- Opening Delimiter -

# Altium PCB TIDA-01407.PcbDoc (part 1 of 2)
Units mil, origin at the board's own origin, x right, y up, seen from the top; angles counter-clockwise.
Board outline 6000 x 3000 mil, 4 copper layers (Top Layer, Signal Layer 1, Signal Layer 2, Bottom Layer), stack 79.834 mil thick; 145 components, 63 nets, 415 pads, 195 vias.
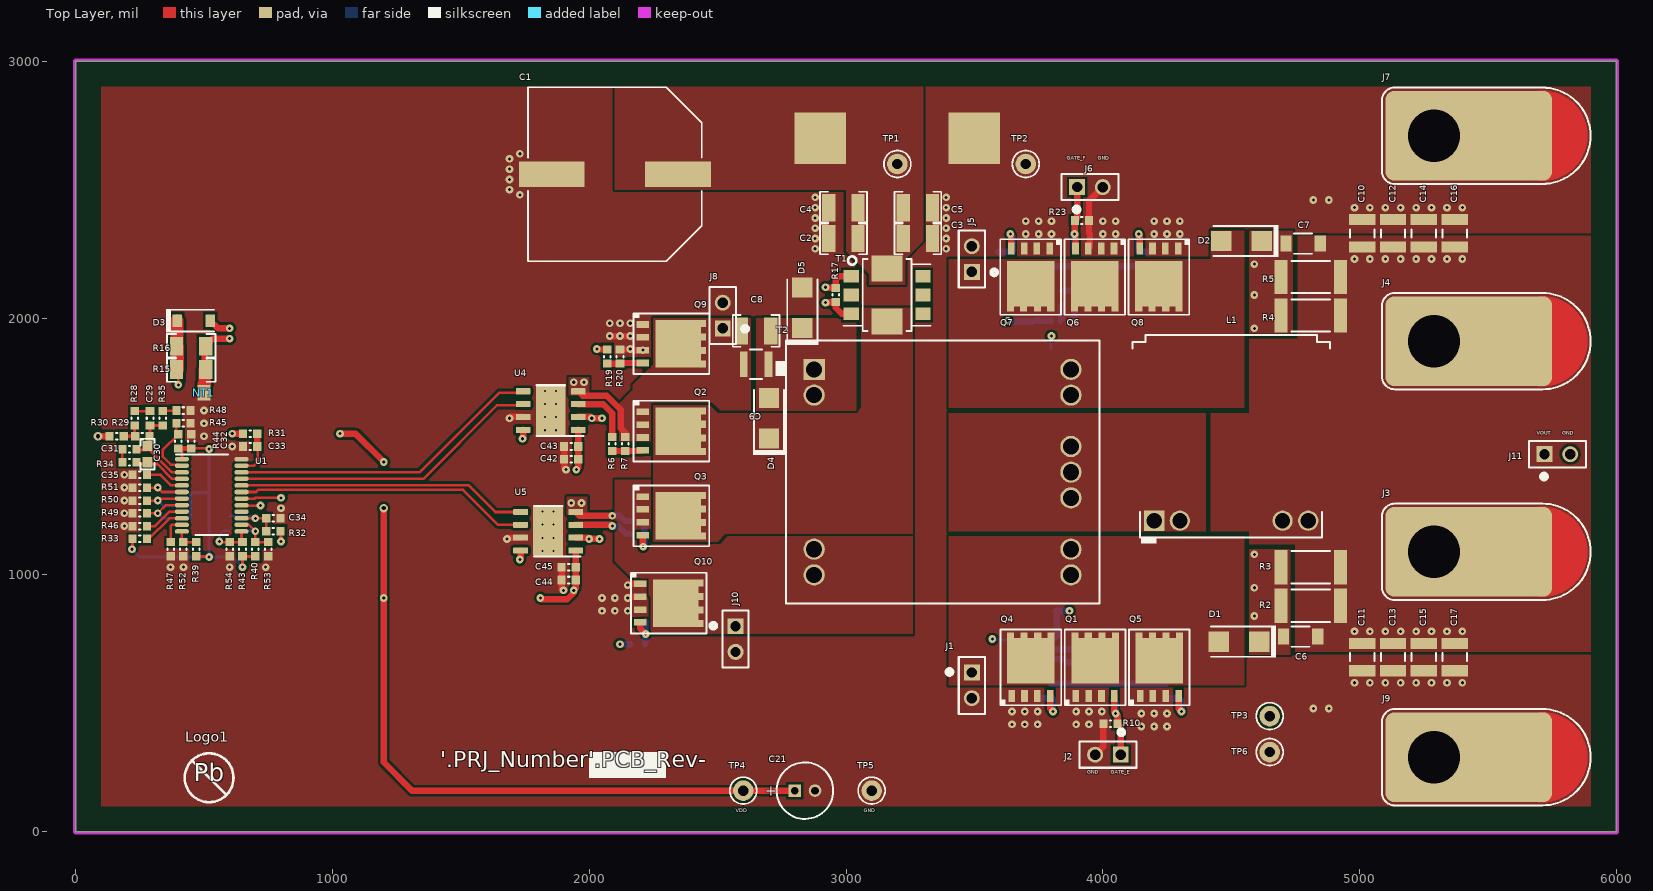
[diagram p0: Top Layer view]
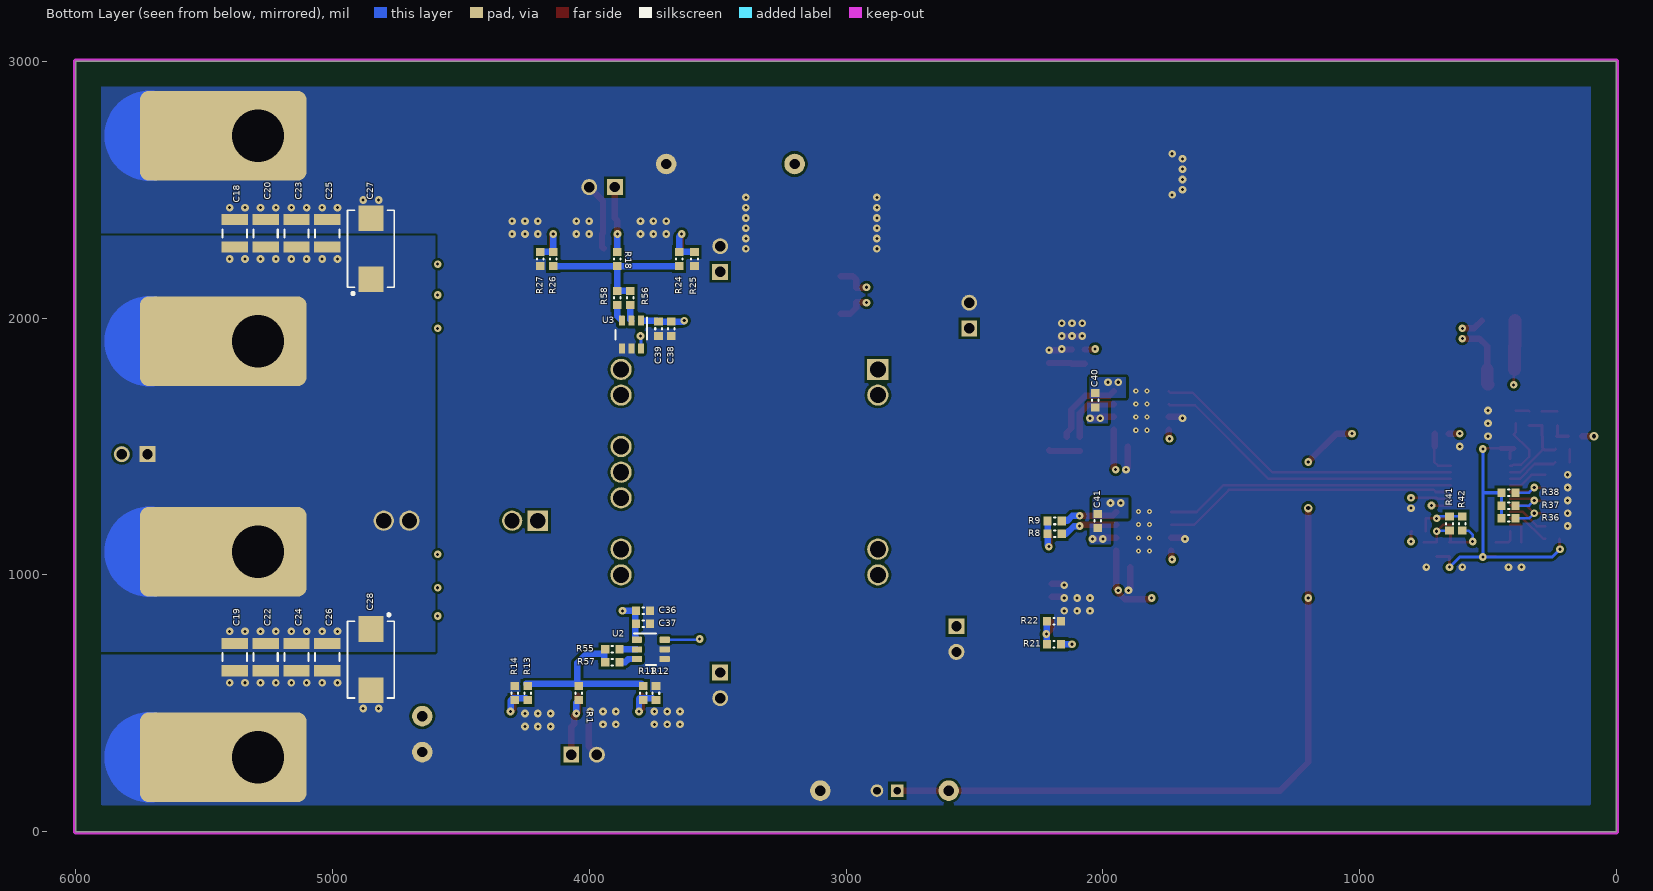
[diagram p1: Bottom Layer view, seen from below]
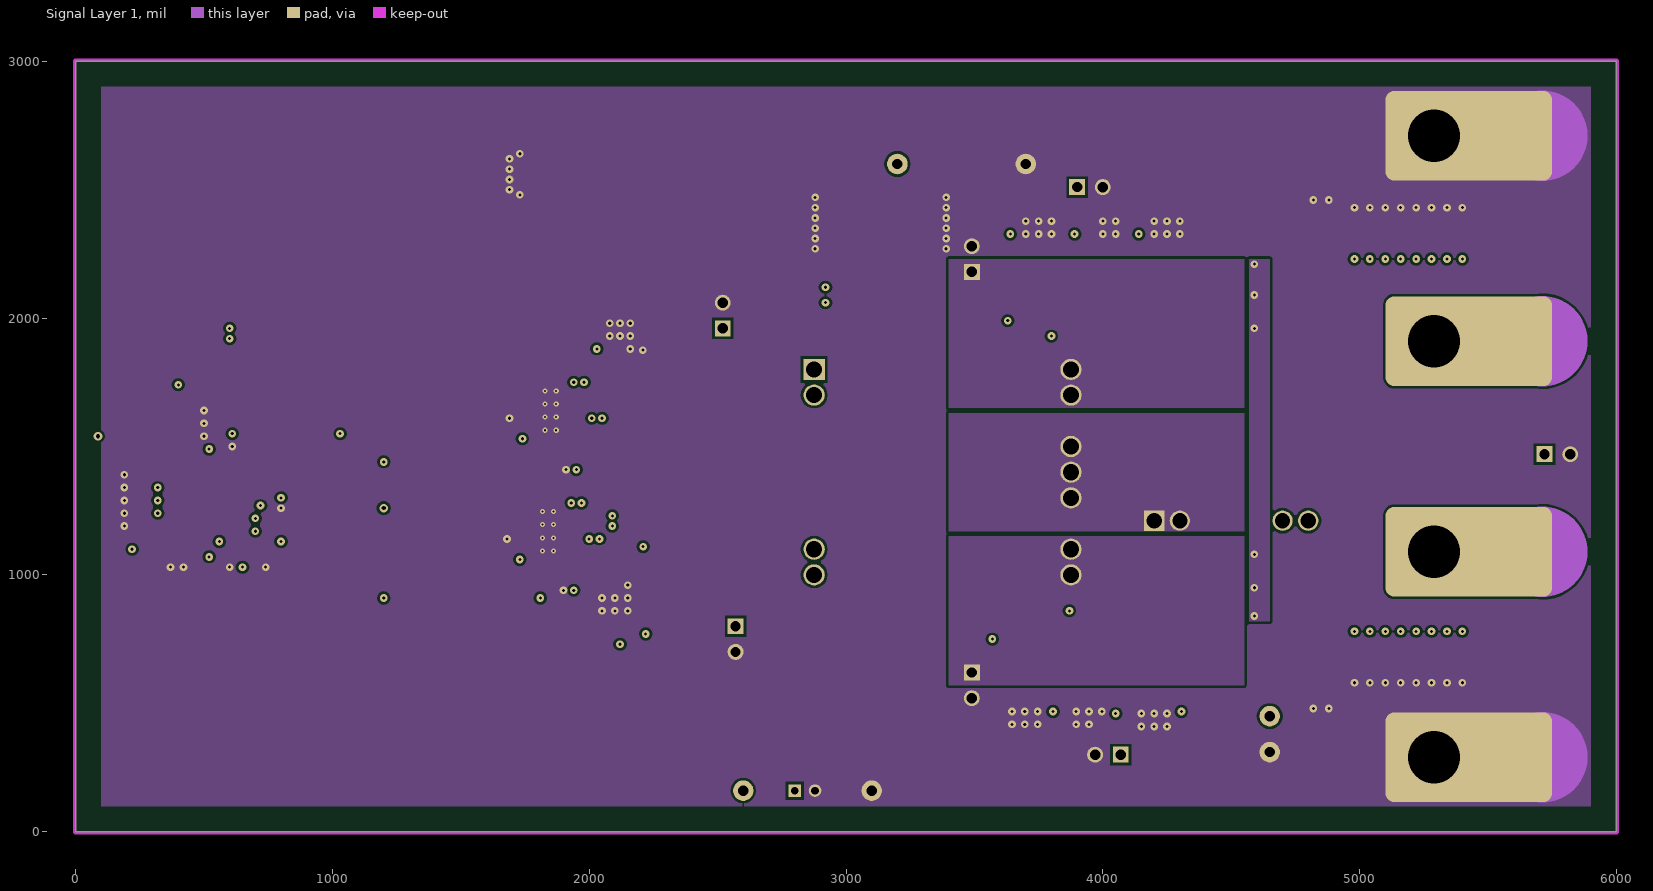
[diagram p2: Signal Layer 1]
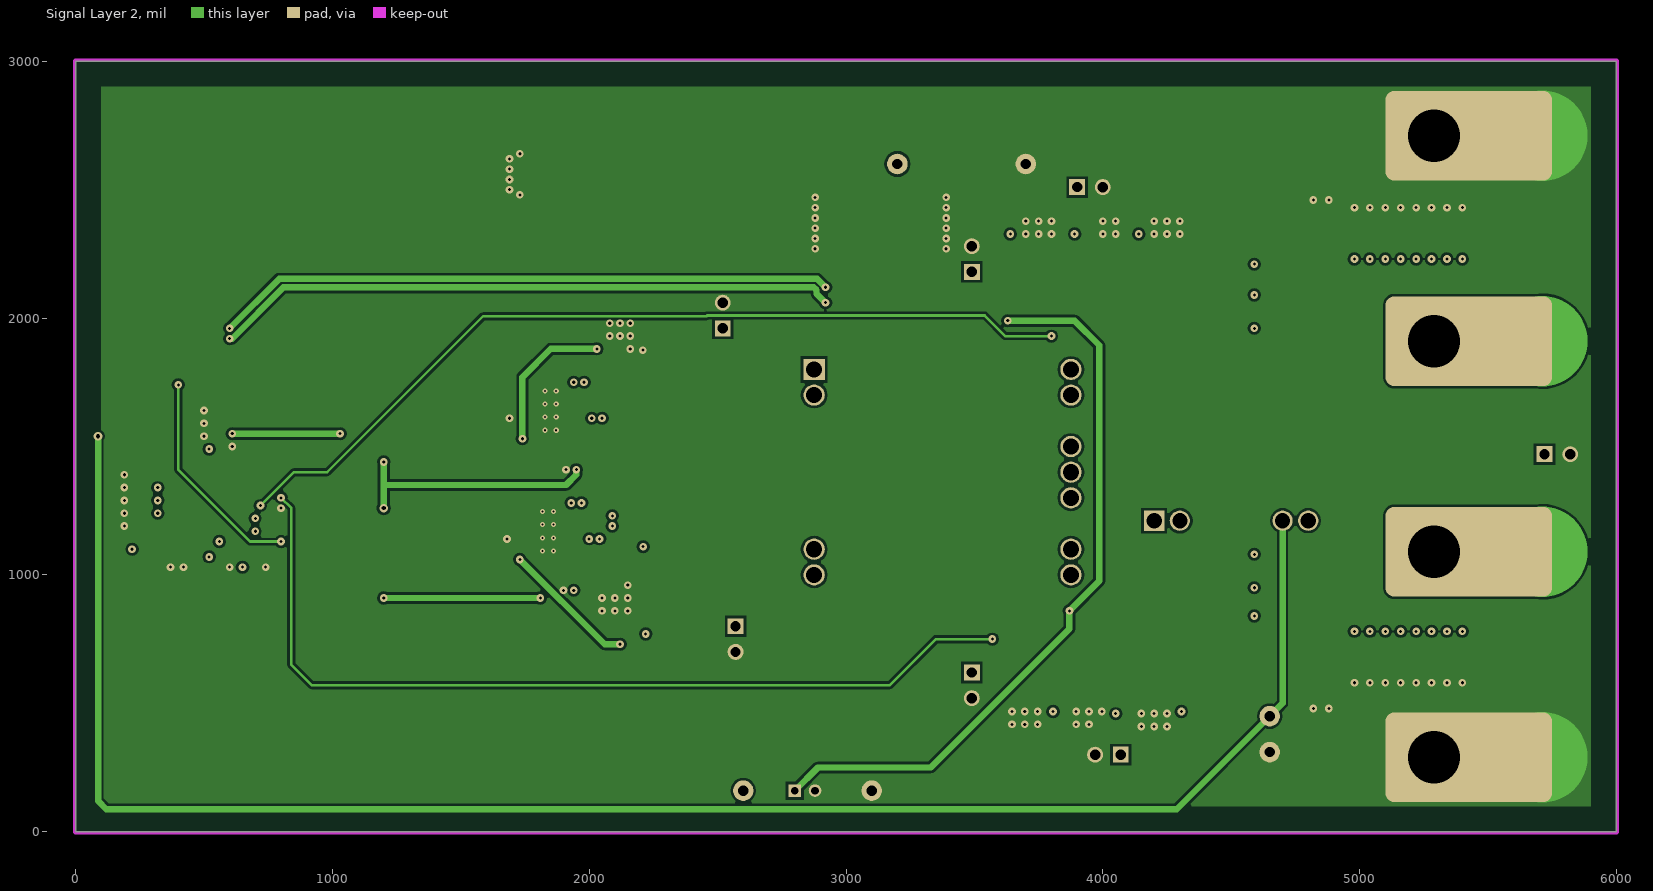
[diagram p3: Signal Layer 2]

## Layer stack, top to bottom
Top Solder: solder mask 0.4, Solder Resist, Dk 3.5
Top Layer: signal copper 1.4
Dielectric1: core 59.2, FR-4, Dk 4.8
Signal Layer 1: signal copper 1.417
Dielectric 3: prepreg 5, Dk 4.2
Signal Layer 2: signal copper 1.417
Dielectric 2: core 10, Dk 4.2
Bottom Layer: signal copper 1.4
Bottom Solder: solder mask 0.4, Solder Resist, Dk 3.5

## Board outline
0,0 6000,0 6000,3000 0,3000

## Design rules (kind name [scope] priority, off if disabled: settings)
AcuteAngle [All] p1: minimum=4.50000000000000E+0001 checktracksonly=FALSE
AssemblyTestPointUsage [All] p1: valid=2
Clearance Clearance_BoardEdge_MountingHoles [OnCopper and InComponentClass('Mounting Holes') vs IsKeepOut] p1: gap=40
Clearance Clearance_BoardEdge_Poly [OnCopper and InPoly vs IsKeepOut] p2: gap=25
Clearance Clearance_BoardEdge [OnCopper and Not InComponentClass('Logo') and not InComponentClass('FiducialMark') and not InRegion(1000,500,4000,800) and Not IsKeepout vs IsKeepOut] p3: gap=70
Clearance Clearance_Poly [InPolygon] p4: gap=10
Clearance [All] p5: gap=7.5
ComponentClearance ComponentClearance_ScrewToNut [(HasFootprint('NY PMS 440 0025 PH')) vs (HasFootprint('Keystone_1902C'))] p1: gap=5 collisioncheckmode=3 verticalgap=10 showdistances=FALSE
ComponentClearance ComponentClearance_MountingHoles [InComponentClass('Mounting Holes')] p2: gap=20 collisioncheckmode=3 verticalgap=100000 showdistances=FALSE
ComponentClearance ComponentClearance_SmallPassives [HasFootprint('0201*') or HasFootprint('0402*') or HasFootprint('0508') or HasFootprint('0603*') or HasFootprint('0612') or HasFootprint('0805*') or HasFootprint('0815*') or HasFootprint('0830*') or HasFootprint('1206*') or HasFootprint('1210*') or HasFootprint('1808*') or HasFootprint('1812*') or HasFootprint('1825*') or HasFootprint('2010*') or HasFootprint('2220*') or HasFootprint('2225*') or HasFootprint('2512*') or HasFootprint('2728*') or HasFootprint('3518*') vs HasFootprint('0201*') or HasFootprint('0402*') or HasFootprint('0508') or HasFootprint('0603*') or HasFootprint('0612') or HasFootprint('0805*') or HasFootprint('0815*') or HasFootprint('0830*') or HasFootprint('1206*') or HasFootprint('1210*') or HasFootprint('1808*') or HasFootprint('1812*') or HasFootprint('1825*') or HasFootprint('2010*') or HasFootprint('2220*') or HasFootprint('2225*') or HasFootprint('2512*') or HasFootprint('2728*') or HasFootprint('3518*')] p3: gap=10 collisioncheckmode=3 verticalgap=10 showdistances=FALSE
ComponentClearance ComponentClearance_THtoSMT [IsThruComponent vs IsSMTComponent] p4: gap=1 collisioncheckmode=3 verticalgap=0 showdistances=FALSE
ComponentClearance ComponentClearance_THtoTH [IsThruComponent vs IsThruComponent] p5: gap=20 collisioncheckmode=3 verticalgap=100000 showdistances=FALSE
ComponentClearance [All] p6: gap=20 collisioncheckmode=3 verticalgap=0 showdistances=FALSE
DiffPairsRouting [All] p1: maxlimit=100 minlimit=10 mostfreqgap=10 toplayer_minwidth=15 toplayer_maxwidth=15 toplayer_prefwidth=15 midlayer1_minwidth=15 midlayer1_maxwidth=15 midlayer1_prefwidth=15 midlayer2_minwidth=15 midlayer2_maxwidth=15 midlayer2_prefwidth=15 bottomlayer_minwidth=15 bottomlayer_maxwidth=15 bottomlayer_prefwidth=15 maxuncoupledlength=1000
FabricationTestPointUsage TestPointUsage [All] p1: valid=2 allowmultiple=FALSE
FabricationTestpoint Testpoint [All] p1: side=3 testpointundercomponent=TRUE minsize=40 maxsize=100 preferedsize=60 minholesize=0 maxholesize=40 preferedholesize=32 testpointgrid=1 allowsidetop=TRUE allowsidebottom=TRUE usegrid=TRUE gridtolerance=0.01
FanoutControl Fanout_LCC [IsLCC] p1: bgadir=Out bgaviamode=Centered fanoutstyle=Auto fanoutdirection=Alternating viagrid=1 // Fanout_LCC (Default Rule)
FanoutControl Fanout_BGA [IsBGA] p2: bgadir=Out bgaviamode=Centered fanoutstyle=Auto fanoutdirection=Alternating viagrid=1 // Fanout_BGA (Default Rule)
FanoutControl Fanout_Default [All] p4: bgadir=Out bgaviamode=Centered fanoutstyle=Auto fanoutdirection=Alternating viagrid=1 // Fanout_Default (Default Rule)
FanoutControl Fanout_Small [(CompPinCount < 5)] p5: bgadir=Out bgaviamode=Centered fanoutstyle=Auto fanoutdirection=OutThenIn viagrid=1 // Fanout_Small (Default Rule)
HoleSize [All] p1: absolutevalues=TRUE maxlimit=251 minlimit=7 maxpercent=80.000 minpercent=20.000
MinimumAnnularRing [All] p1: minimumring=5
MinimumSolderMaskSliver MinimumSolderMaskSliver_Logo [InComponentClass('Logo') vs InComponentClass('Logo')] p1: minsoldermaskwidth=0
MinimumSolderMaskSliver SilkscreenOverComponentPads [All] p2: minsoldermaskwidth=0
MinimumSolderMaskSliver [All] p3: minsoldermaskwidth=0
PlaneConnect [All] p1: planeconnectstyle=Direct reliefexpansion=10 reliefentries=4 reliefconductorwidth=10 reliefairgap=10
PolygonConnect [All] p1: connectstyle=Direct reliefconductorwidth=10 reliefentries=4 polygonreliefangle="90 Angle" airgapwidth=10
RoutingVias [All] p1: holewidth=16 width=34 viastyle="Through Hole" minholewidth=7 minwidth=19 maxholewidth=40 maxwidth=65
SMDToCorner [All] p1: distance=0
SilkToBoardRegionClearance [Not ((IsComment or IsDesignator) And (Hide <> 'False')) and not InRegion(1000,500,4000,800)] p1:
SilkToSilkClearance [All] p1: silktosilkclearance=0
SilkToSolderMaskClearance [IsPad] p1: minsilkscreentomaskgap=0 clearancetoexposedcopper=TRUE
SolderMaskExpansion [All] p1: expansion=3
Width [All] p1: maxlimit=100 minlimit=6 preferedwidth=10 checkconnectedcopper=TRUE
15 further rules are at their usual default settings.

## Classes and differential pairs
component class "Gate Drivers High Side and Low Side": C36 C37 C38 C39 C40 C41 C42 C43 C44 C45 C47 C48 C51 C52 C55 D8 D10 D11 D12 D13 D14 D15 D17 D18 D19 D20 D21 D22 D24 D25 Logo1 Q12 Q15 Q16 R55 R56 R57 R58 R62 R64 T5 U2 U3 U4 U5
component class "400W Phase Shifted Full Bridge": C1 C2 C3 C4 C5 C6 C7 C8 C9 C10 C11 C12 C13 C14 C15 C16 C17 C18 C19 C20 C21 C22 C23 C24 C25 C26 C27 C28 C29 C30 C31 C32 C33 C34 C35 D1 D2 D3 D4 D5 J1 J2 J3 J4 J5 J6 J7 J8 J9 J10 J11 L1 NT1 Q1 Q2 Q3 Q4 Q5 Q6 Q7 Q8 Q9 Q10 R1 R2 R3 R4 R5 R6 R7 R8 R9 R10 R11 R12 R13 R14 R15 R16 R17 R18 R19 R20 R21 R22 R23 R24 R25 R26 R27 R28 R29 R30 R31 R32 R33 R34 R35 R36 R37 R38 R39 R40 R41 R42 R43 R44 R45 R46 R47 R48 R49 R50 R51 R52 R53 R54 T1 T2 TP1 TP2 TP3 TP4 TP5 TP6 U1

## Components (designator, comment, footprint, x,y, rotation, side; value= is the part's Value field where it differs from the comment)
C1 "EEV-FK2A151M" SM_RADIAL_J16 2100,2560 r180 top
C2 "GRM32ER72A225KA35L" 1210_270 2990,2310 r180 top
C3 "GRM32ER72A225KA35L" 1210_270 3280,2310 r0 top
C4 "GRM32ER72A225KA35L" 1210_270 2990,2430 r180 top
C5 "GRM32ER72A225KA35L" 1210_270 3280,2430 r0 top
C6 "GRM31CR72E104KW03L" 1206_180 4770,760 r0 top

- Closing Delimiter -

- **WHAT THE TASK REQUIRES**
Respond with the exact lines above running from the one containing "[diagram p2: Signal Layer 1]" to the one containing "Signal Layer 2: signal copper 1.417", both ends kept and no pictures included.

- **ANSWER TO THIS EXERCISE**
[diagram p2: Signal Layer 1]
[diagram p3: Signal Layer 2]

## Layer stack, top to bottom
Top Solder: solder mask 0.4, Solder Resist, Dk 3.5
Top Layer: signal copper 1.4
Dielectric1: core 59.2, FR-4, Dk 4.8
Signal Layer 1: signal copper 1.417
Dielectric 3: prepreg 5, Dk 4.2
Signal Layer 2: signal copper 1.417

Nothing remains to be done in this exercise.